The law in regard to public roads has been heretofore administered in view of the character of vehicles and means of propelling which have generally been in use. The public highways have not until recently been used for the operation of cars and vehicles propelled by *651steam and electricity, and possibly in the further consideration by the courts of questions affecting the liability of municipalities, or communities for defective public roads these facts will play an important part. It is a matter of common knowledge that horses, the animals usually" employed in drawing vehicles upon the public highways, instinctively avoid danger. They will not go over a precipice nor step into a dangerous excavation. Even in the. nighttime, in the darkness, they will keep the beaten way. In the operation of a steam engine the whole responsibility rests upon the driver.
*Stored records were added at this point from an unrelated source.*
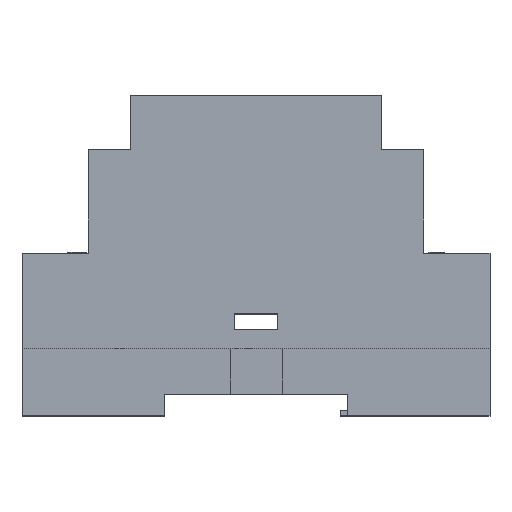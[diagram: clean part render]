
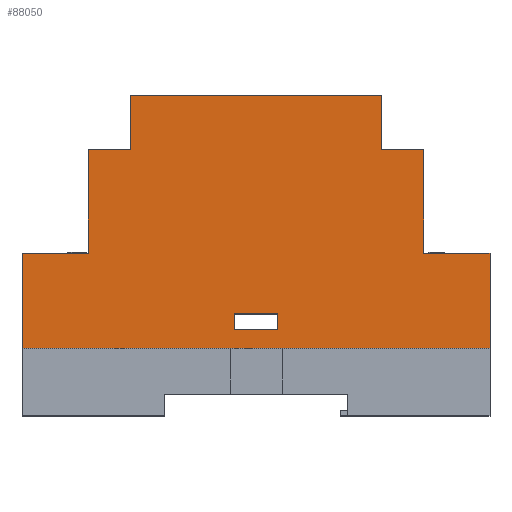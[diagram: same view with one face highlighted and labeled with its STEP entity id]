
A CAD part, top view. The second image highlights one B-rep face of the part: STEP entity #88050.
In plain terms, the highlighted planar face has unit normal (0, 0, 1).
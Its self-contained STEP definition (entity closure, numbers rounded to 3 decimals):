
#1095 = ORIENTED_EDGE ( 'NONE', *, *, #109704, .T. ) ;
#2347 = EDGE_CURVE ( 'NONE', #107220, #54522, #97903, .T. ) ;
#3432 = VERTEX_POINT ( 'NONE', #10142 ) ;
#5258 = ORIENTED_EDGE ( 'NONE', *, *, #115485, .T. ) ;
#6279 = VECTOR ( 'NONE', #109949, 1000. ) ;
#6718 = VERTEX_POINT ( 'NONE', #74723 ) ;
#7815 = CARTESIAN_POINT ( 'NONE',  ( 45., 18.3, 37.3 ) ) ;
#8062 = CARTESIAN_POINT ( 'NONE',  ( 24.1, 48.6, 37.3 ) ) ;
#8101 = DIRECTION ( 'NONE',  ( 0., 0., -1. ) ) ;
#8846 = VECTOR ( 'NONE', #108312, 1000. ) ;
#10142 = CARTESIAN_POINT ( 'NONE',  ( 4.15, 3.58, 37.3 ) ) ;
#10668 = VERTEX_POINT ( 'NONE', #103346 ) ;
#11039 = ORIENTED_EDGE ( 'NONE', *, *, #38593, .T. ) ;
#12509 = ORIENTED_EDGE ( 'NONE', *, *, #71564, .T. ) ;
#13387 = CARTESIAN_POINT ( 'NONE',  ( -45., 18.3, 37.3 ) ) ;
#13662 = EDGE_CURVE ( 'NONE', #54522, #117559, #35313, .T. ) ;
#14270 = EDGE_CURVE ( 'NONE', #55487, #97414, #116833, .T. ) ;
#14778 = VECTOR ( 'NONE', #41665, 1000. ) ;
#14981 = DIRECTION ( 'NONE',  ( -1., 0., 0. ) ) ;
#15238 = LINE ( 'NONE', #37337, #102902 ) ;
#15364 = EDGE_CURVE ( 'NONE', #94017, #62016, #61978, .T. ) ;
#16902 = ORIENTED_EDGE ( 'NONE', *, *, #14270, .T. ) ;
#18620 = LINE ( 'NONE', #89785, #59521 ) ;
#22331 = VECTOR ( 'NONE', #54612, 1000. ) ;
#22463 = VECTOR ( 'NONE', #95839, 1000. ) ;
#23472 = LINE ( 'NONE', #50966, #22463 ) ;
#23551 = VECTOR ( 'NONE', #62542, 1000. ) ;
#24841 = PLANE ( 'NONE',  #33637 ) ;
#26077 = CARTESIAN_POINT ( 'NONE',  ( 24.1, 48.6, 37.3 ) ) ;
#30739 = CARTESIAN_POINT ( 'NONE',  ( -32.25, 38.3, 37.3 ) ) ;
#30801 = EDGE_CURVE ( 'NONE', #62016, #107220, #88680, .T. ) ;
#32181 = ORIENTED_EDGE ( 'NONE', *, *, #75297, .T. ) ;
#32501 = EDGE_LOOP ( 'NONE', ( #11039, #16902, #12509, #5258 ) ) ;
#33637 = AXIS2_PLACEMENT_3D ( 'NONE', #118137, #8101, #81060 ) ;
#34724 = VERTEX_POINT ( 'NONE', #41197 ) ;
#34862 = CARTESIAN_POINT ( 'NONE',  ( -45., 18.3, 37.3 ) ) ;
#35206 = VERTEX_POINT ( 'NONE', #71477 ) ;
#35313 = LINE ( 'NONE', #7815, #8846 ) ;
#37337 = CARTESIAN_POINT ( 'NONE',  ( -24.1, 48.6, 37.3 ) ) ;
#37478 = ORIENTED_EDGE ( 'NONE', *, *, #2347, .T. ) ;
#37546 = LINE ( 'NONE', #63849, #6279 ) ;
#37618 = CARTESIAN_POINT ( 'NONE',  ( 32.25, 38.3, 37.3 ) ) ;
#38225 = LINE ( 'NONE', #55593, #96557 ) ;
#38593 = EDGE_CURVE ( 'NONE', #3432, #55487, #108574, .T. ) ;
#41197 = CARTESIAN_POINT ( 'NONE',  ( 24.1, 38.3, 37.3 ) ) ;
#41665 = DIRECTION ( 'NONE',  ( -1., 0., 0. ) ) ;
#41738 = VERTEX_POINT ( 'NONE', #92867 ) ;
#43453 = CARTESIAN_POINT ( 'NONE',  ( -32.25, 18.3, 37.3 ) ) ;
#43867 = CARTESIAN_POINT ( 'NONE',  ( -4.15, 0., 37.3 ) ) ;
#43928 = VECTOR ( 'NONE', #77222, 1000. ) ;
#44563 = VECTOR ( 'NONE', #113286, 1000. ) ;
#44670 = ORIENTED_EDGE ( 'NONE', *, *, #15364, .T. ) ;
#45667 = EDGE_CURVE ( 'NONE', #35206, #34724, #73541, .T. ) ;
#47789 = CARTESIAN_POINT ( 'NONE',  ( -45., 0., 37.3 ) ) ;
#48013 = ORIENTED_EDGE ( 'NONE', *, *, #51013, .T. ) ;
#49831 = VECTOR ( 'NONE', #66125, 1000. ) ;
#50864 = LINE ( 'NONE', #86187, #106059 ) ;
#50966 = CARTESIAN_POINT ( 'NONE',  ( 0., 6.66, 37.3 ) ) ;
#51013 = EDGE_CURVE ( 'NONE', #117559, #41738, #94007, .T. ) ;
#53857 = CARTESIAN_POINT ( 'NONE',  ( 45., 0., 37.3 ) ) ;
#54522 = VERTEX_POINT ( 'NONE', #53857 ) ;
#54612 = DIRECTION ( 'NONE',  ( 0., 1., 0. ) ) ;
#55487 = VERTEX_POINT ( 'NONE', #59167 ) ;
#55593 = CARTESIAN_POINT ( 'NONE',  ( 24.1, 48.6, 37.3 ) ) ;
#56128 = CARTESIAN_POINT ( 'NONE',  ( 45., 18.3, 37.3 ) ) ;
#59167 = CARTESIAN_POINT ( 'NONE',  ( -4.15, 3.58, 37.3 ) ) ;
#59521 = VECTOR ( 'NONE', #82580, 1000. ) ;
#60319 = ORIENTED_EDGE ( 'NONE', *, *, #45667, .T. ) ;
#61958 = LINE ( 'NONE', #26077, #23551 ) ;
#61978 = LINE ( 'NONE', #43453, #14778 ) ;
#62016 = VERTEX_POINT ( 'NONE', #34862 ) ;
#62542 = DIRECTION ( 'NONE',  ( 0., 1., 0. ) ) ;
#63849 = CARTESIAN_POINT ( 'NONE',  ( 4.15, 0., 37.3 ) ) ;
#64360 = CARTESIAN_POINT ( 'NONE',  ( -45., 0., 37.3 ) ) ;
#65728 = DIRECTION ( 'NONE',  ( -1., 0., 0. ) ) ;
#66125 = DIRECTION ( 'NONE',  ( 1., 0., 0. ) ) ;
#67111 = ORIENTED_EDGE ( 'NONE', *, *, #100915, .T. ) ;
#68181 = ORIENTED_EDGE ( 'NONE', *, *, #85308, .T. ) ;
#71477 = CARTESIAN_POINT ( 'NONE',  ( 32.25, 38.3, 37.3 ) ) ;
#71564 = EDGE_CURVE ( 'NONE', #97414, #10668, #23472, .T. ) ;
#72012 = DIRECTION ( 'NONE',  ( 0., -1., 0. ) ) ;
#72448 = VECTOR ( 'NONE', #74052, 1000. ) ;
#73205 = VECTOR ( 'NONE', #89731, 1000. ) ;
#73541 = LINE ( 'NONE', #91504, #73205 ) ;
#74052 = DIRECTION ( 'NONE',  ( 0., 1., 0. ) ) ;
#74723 = CARTESIAN_POINT ( 'NONE',  ( -24.1, 38.3, 37.3 ) ) ;
#75297 = EDGE_CURVE ( 'NONE', #110486, #94017, #18620, .T. ) ;
#77222 = DIRECTION ( 'NONE',  ( -1., 0., 0. ) ) ;
#79559 = ORIENTED_EDGE ( 'NONE', *, *, #85067, .T. ) ;
#81049 = DIRECTION ( 'NONE',  ( -1., 0., 0. ) ) ;
#81060 = DIRECTION ( 'NONE',  ( 0., -1., 0. ) ) ;
#82580 = DIRECTION ( 'NONE',  ( 0., -1., 0. ) ) ;
#84982 = CARTESIAN_POINT ( 'NONE',  ( -4.15, 6.66, 37.3 ) ) ;
#85067 = EDGE_CURVE ( 'NONE', #6718, #110486, #50864, .T. ) ;
#85308 = EDGE_CURVE ( 'NONE', #105359, #102929, #38225, .T. ) ;
#86187 = CARTESIAN_POINT ( 'NONE',  ( -24.1, 38.3, 37.3 ) ) ;
#88050 = ADVANCED_FACE ( 'NONE', ( #90021, #99596 ), #24841, .F. ) ;
#88680 = LINE ( 'NONE', #13387, #44563 ) ;
#89419 = CARTESIAN_POINT ( 'NONE',  ( 0., 3.58, 37.3 ) ) ;
#89731 = DIRECTION ( 'NONE',  ( -1., 0., 0. ) ) ;
#89785 = CARTESIAN_POINT ( 'NONE',  ( -32.25, 38.3, 37.3 ) ) ;
#90021 = FACE_BOUND ( 'NONE', #32501, .T. ) ;
#91504 = CARTESIAN_POINT ( 'NONE',  ( 24.1, 38.3, 37.3 ) ) ;
#92867 = CARTESIAN_POINT ( 'NONE',  ( 32.25, 18.3, 37.3 ) ) ;
#94007 = LINE ( 'NONE', #94613, #43928 ) ;
#94017 = VERTEX_POINT ( 'NONE', #105574 ) ;
#94613 = CARTESIAN_POINT ( 'NONE',  ( 32.25, 18.3, 37.3 ) ) ;
#95839 = DIRECTION ( 'NONE',  ( 1., 0., 0. ) ) ;
#96557 = VECTOR ( 'NONE', #65728, 1000. ) ;
#97414 = VERTEX_POINT ( 'NONE', #84982 ) ;
#97656 = ORIENTED_EDGE ( 'NONE', *, *, #98601, .T. ) ;
#97903 = LINE ( 'NONE', #64360, #49831 ) ;
#98601 = EDGE_CURVE ( 'NONE', #102929, #6718, #15238, .T. ) ;
#99128 = ORIENTED_EDGE ( 'NONE', *, *, #30801, .T. ) ;
#99596 = FACE_OUTER_BOUND ( 'NONE', #108640, .T. ) ;
#100915 = EDGE_CURVE ( 'NONE', #41738, #35206, #102205, .T. ) ;
#102205 = LINE ( 'NONE', #37618, #72448 ) ;
#102902 = VECTOR ( 'NONE', #72012, 1000. ) ;
#102929 = VERTEX_POINT ( 'NONE', #110206 ) ;
#103346 = CARTESIAN_POINT ( 'NONE',  ( 4.15, 6.66, 37.3 ) ) ;
#105359 = VERTEX_POINT ( 'NONE', #8062 ) ;
#105410 = VECTOR ( 'NONE', #81049, 1000. ) ;
#105574 = CARTESIAN_POINT ( 'NONE',  ( -32.25, 18.3, 37.3 ) ) ;
#106059 = VECTOR ( 'NONE', #14981, 1000. ) ;
#107220 = VERTEX_POINT ( 'NONE', #47789 ) ;
#108312 = DIRECTION ( 'NONE',  ( 0., 1., 0. ) ) ;
#108574 = LINE ( 'NONE', #89419, #105410 ) ;
#108640 = EDGE_LOOP ( 'NONE', ( #97656, #79559, #32181, #44670, #99128, #37478, #109140, #48013, #67111, #60319, #1095, #68181 ) ) ;
#109140 = ORIENTED_EDGE ( 'NONE', *, *, #13662, .T. ) ;
#109704 = EDGE_CURVE ( 'NONE', #34724, #105359, #61958, .T. ) ;
#109949 = DIRECTION ( 'NONE',  ( 0., -1., 0. ) ) ;
#110206 = CARTESIAN_POINT ( 'NONE',  ( -24.1, 48.6, 37.3 ) ) ;
#110486 = VERTEX_POINT ( 'NONE', #30739 ) ;
#113286 = DIRECTION ( 'NONE',  ( 0., -1., 0. ) ) ;
#115485 = EDGE_CURVE ( 'NONE', #10668, #3432, #37546, .T. ) ;
#116833 = LINE ( 'NONE', #43867, #22331 ) ;
#117559 = VERTEX_POINT ( 'NONE', #56128 ) ;
#118137 = CARTESIAN_POINT ( 'NONE',  ( 0., 0., 37.3 ) ) ;

He has no assistance from his motive power in discovering the presence of danger or avoiding it, and therefore, it seems to me, the inevitable consequence must he that the courts will be constrained to hold that a greater degree of care and caution devolves upon one who operates a steam machine upon a public highway than is required of one traveling in the usual maimer. But this last proposition is aside from the question involved here, and I merely mention it because it has occurred to me.

For the reasons given, I do not concur in the opinion of the court in this case.